Saved data entries:
■ ■ ■

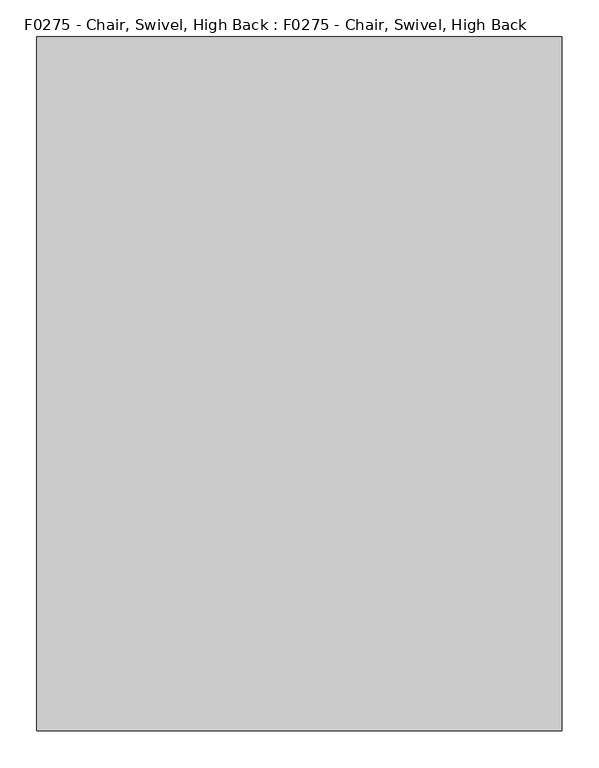
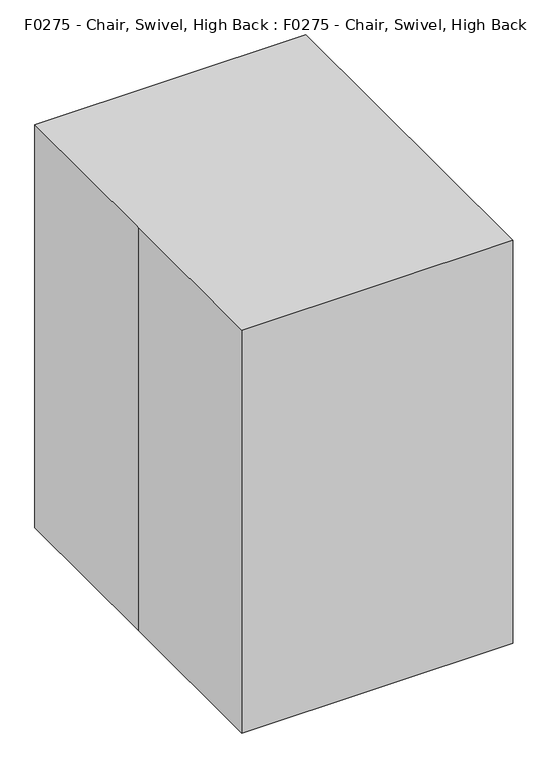
"""IFC4 building model written with IfcOpenShell, lengths in millimetres: proxy geometry, F0275 - Chair, Swivel, High Back : F0275 - Chair, Swivel, High Back."""

import ifcopenshell
import ifcopenshell.guid

model = None  # the IFC model being written
_history = None  # IfcOwnerHistory: only IFC2X3 demands one
_inside = {}  # id of a spatial element -> (the spatial element, [elements in it])
_under = {}  # id of a project, library or spatial element -> (it, [spatial elements below it])
_declared = {}  # id of a project -> (the project, [libraries it declares])
_typed = {}  # id of a type object -> (the type object, [elements of that type])
_made_of = {}  # id of a material, layer set ... -> (it, [elements and type objects made of it])


def new_model(schema):
    """Start an empty IFC model of exactly this schema.

    Asked for "IFC4X3", IfcOpenShell would pick the latest addendum, in which some entities
    have other attributes; the version numbers below select the first issue.
    IFC2X3 requires an IfcOwnerHistory on every rooted entity: one is made here for all.
    """
    global model, _history
    if schema == "IFC4X3":
        model = ifcopenshell.file(schema_version=(4, 3, 0, 0))
    else:
        model = ifcopenshell.file(schema=schema)
    _inside.clear()
    _under.clear()
    _declared.clear()
    _typed.clear()
    _made_of.clear()
    _history = None
    if model.schema == "IFC2X3":
        org = make("IfcOrganization", Name="unknown")
        user = make(
            "IfcPersonAndOrganization",
            ThePerson=make("IfcPerson", FamilyName="unknown"),
            TheOrganization=org,
        )
        app = make(
            "IfcApplication",
            ApplicationDeveloper=org,
            Version="unknown",
            ApplicationFullName="unknown",
            ApplicationIdentifier="unknown",
        )
        _history = make(
            "IfcOwnerHistory",
            OwningUser=user,
            OwningApplication=app,
            ChangeAction="ADDED",
            CreationDate=0,
        )
    return model


def make(cls, **values):
    """One entity of the class cls with the attributes given. An attribute that is None is left unset."""
    return model.create_entity(
        cls, **{name: value for name, value in values.items() if value is not None}
    )


def rooted(cls, **values):
    """An entity with a GlobalId (a new one), such as an element, a storey or a relation."""
    return make(cls, GlobalId=ifcopenshell.guid.new(), OwnerHistory=_history, **values)


def si_unit(unit_type, name, prefix=None):
    """IfcSIUnit, for example si_unit("LENGTHUNIT", "METRE", prefix="MILLI")."""
    return make("IfcSIUnit", UnitType=unit_type, Prefix=prefix, Name=name)


def assignment(units):
    """IfcUnitAssignment: the units of a project."""
    return None if units is None else make("IfcUnitAssignment", Units=units)


def point(xyz):
    """IfcCartesianPoint."""
    return None if xyz is None else make("IfcCartesianPoint", Coordinates=xyz)


def direction(xyz):
    """IfcDirection."""
    return None if xyz is None else make("IfcDirection", DirectionRatios=xyz)


def frame(location, z_axis=None, x_axis=None):
    """IfcAxis2Placement3D, a coordinate frame: its origin and axes. An axis left out is left unset."""
    return make(
        "IfcAxis2Placement3D",
        Location=point(location),
        Axis=direction(z_axis),
        RefDirection=direction(x_axis),
    )


def frame_2d(location, x_axis=None):
    """IfcAxis2Placement2D, a coordinate frame in the plane: its origin and x axis."""
    return make(
        "IfcAxis2Placement2D", Location=point(location), RefDirection=direction(x_axis)
    )


def origin():
    """The frame at (0, 0, 0) with its axes left unset."""
    return frame((0.0, 0.0, 0.0))


def origin_with_axes():
    """The frame at (0, 0, 0) with the z axis (0, 0, 1) and the x axis (1, 0, 0) written out."""
    return frame((0.0, 0.0, 0.0), z_axis=(0.0, 0.0, 1.0), x_axis=(1.0, 0.0, 0.0))


def place(relative_to, where):
    """IfcLocalPlacement: puts the frame where relative to a parent placement (None: the world)."""
    return make(
        "IfcLocalPlacement", PlacementRelTo=relative_to, RelativePlacement=where
    )


def context(
    kind, dimensions, precision=None, world=None, true_north=None, identifier=None
):
    """IfcGeometricRepresentationContext, for example the 3D "Model" context."""
    return make(
        "IfcGeometricRepresentationContext",
        ContextIdentifier=identifier,
        ContextType=kind,
        CoordinateSpaceDimension=dimensions,
        Precision=precision,
        WorldCoordinateSystem=world,
        TrueNorth=true_north,
    )


def project(units=None, contexts=None):
    """IfcProject with its units and contexts."""
    return rooted(
        "IfcProject",
        Name="project",
        RepresentationContexts=contexts,
        UnitsInContext=assignment(units),
    )


def spatial(cls, under=None, at=None, **own):
    """A site, building, storey or space (cls), placed at a placement, below another one or the project."""
    s = rooted(cls, ObjectPlacement=at, **own)
    if under is not None:
        _under.setdefault(under.id(), (under, []))[1].append(s)
    return s


def polyline(points):
    """IfcPolyline through the points."""
    return make("IfcPolyline", Points=[point(p) for p in points])


def circle_curve(where, radius):
    """IfcCircle in the frame where."""
    return make("IfcCircle", Position=where, Radius=radius)


def ellipse_curve(where, semi_axis1, semi_axis2):
    """IfcEllipse in the frame where."""
    return make(
        "IfcEllipse", Position=where, SemiAxis1=semi_axis1, SemiAxis2=semi_axis2
    )


def trimmed(basis, trim1, trim2, sense, master):
    """IfcTrimmedCurve: the piece of a basis curve between two trims."""
    return make(
        "IfcTrimmedCurve",
        BasisCurve=basis,
        Trim1=trim1,
        Trim2=trim2,
        SenseAgreement=sense,
        MasterRepresentation=master,
    )


def segment(curve, same_sense, transition):
    """IfcCompositeCurveSegment."""
    return make(
        "IfcCompositeCurveSegment",
        Transition=transition,
        SameSense=same_sense,
        ParentCurve=curve,
    )


def composite_curve(segments, self_intersect=None):
    """IfcCompositeCurve: segments joined end to end."""
    return make("IfcCompositeCurve", Segments=segments, SelfIntersect=self_intersect)


def outline(outer, holes=None, kind="AREA"):
    """IfcArbitraryClosedProfileDef: a profile drawn as a closed curve; with holes, ...WithVoids."""
    if holes is None:
        return make("IfcArbitraryClosedProfileDef", ProfileType=kind, OuterCurve=outer)
    return make(
        "IfcArbitraryProfileDefWithVoids",
        ProfileType=kind,
        OuterCurve=outer,
        InnerCurves=holes,
    )


def extrude(swept, where, along, depth):
    """IfcExtrudedAreaSolid: the profile swept, set in the frame where, extruded along a direction by depth."""
    return make(
        "IfcExtrudedAreaSolid",
        SweptArea=swept,
        Position=where,
        ExtrudedDirection=direction(along),
        Depth=depth,
    )


def shape(context_of_items, identifier, shape_type, items):
    """IfcShapeRepresentation: the items that make up one representation, for example the "Body"."""
    return make(
        "IfcShapeRepresentation",
        ContextOfItems=context_of_items,
        RepresentationIdentifier=identifier,
        RepresentationType=shape_type,
        Items=items,
    )


def source(mapping_origin, context_of_items, identifier, shape_type, items):
    """IfcRepresentationMap: a shape defined once, which mapped items show again and again."""
    return make(
        "IfcRepresentationMap",
        MappingOrigin=mapping_origin,
        MappedRepresentation=shape(context_of_items, identifier, shape_type, items),
    )


def transform(
    local_origin,
    x_axis=None,
    y_axis=None,
    z_axis=None,
    scale=None,
    scale2=None,
    scale3=None,
    uniform=True,
):
    """IfcCartesianTransformationOperator3D, or its non-uniform kind. x_axis, y_axis, z_axis: its Axis1, 2, 3."""
    if uniform:
        return make(
            "IfcCartesianTransformationOperator3D",
            Axis1=direction(x_axis),
            Axis2=direction(y_axis),
            LocalOrigin=point(local_origin),
            Scale=scale,
            Axis3=direction(z_axis),
        )
    return make(
        "IfcCartesianTransformationOperator3DnonUniform",
        Axis1=direction(x_axis),
        Axis2=direction(y_axis),
        LocalOrigin=point(local_origin),
        Scale=scale,
        Axis3=direction(z_axis),
        Scale2=scale2,
        Scale3=scale3,
    )


def mapped(mapping_source, mapping_target):
    """IfcMappedItem: shows the shape of a source again, moved by a transform."""
    return make(
        "IfcMappedItem", MappingSource=mapping_source, MappingTarget=mapping_target
    )


def made_of(thing, what):
    """Note that an element or type object is made of a material, layer set ...; save() writes the relation."""
    if what is not None:
        _made_of.setdefault(what.id(), (what, []))[1].append(thing)
    return thing


def element(
    cls,
    number,
    at=None,
    inside=None,
    cuts=None,
    type_object=None,
    material=None,
    context=None,
    identifier="Body",
    shape_type=None,
    held_by="IfcProductDefinitionShape",
    body=None,
    shapes=None,
    **own,
):
    """One element of the class cls, such as IfcWall. Its Tag is "e" and its number.

    at: its placement. inside: the storey or other place that contains it. cuts: it is an
    opening in that element (IfcRelVoidsElement). A single representation is given by context,
    identifier, shape_type and body (its items); several are given by shapes. held_by: the class
    of the entity that holds the representations. save() writes the other relations.
    """
    e = rooted(cls, Tag="e%d" % number, ObjectPlacement=at, **own)
    if body is not None:
        shapes = [shape(context, identifier, shape_type, body)]
    if shapes is not None:
        e.Representation = make(held_by, Representations=shapes)
    if inside is not None:
        _inside.setdefault(inside.id(), (inside, []))[1].append(e)
    if cuts is not None:
        rooted(
            "IfcRelVoidsElement", RelatingBuildingElement=cuts, RelatedOpeningElement=e
        )
    if type_object is not None:
        _typed.setdefault(type_object.id(), (type_object, []))[1].append(e)
    return made_of(e, material)


def aggregate(whole, parts):
    """IfcRelAggregates: a whole, such as a stair, and the parts it consists of."""
    return rooted("IfcRelAggregates", RelatingObject=whole, RelatedObjects=parts)


def save(model, path):
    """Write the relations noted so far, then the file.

■ ■ ■

Your objective:
Respond with a number only, please: how many lines in this data include the word "spatial".

Problem solution:
3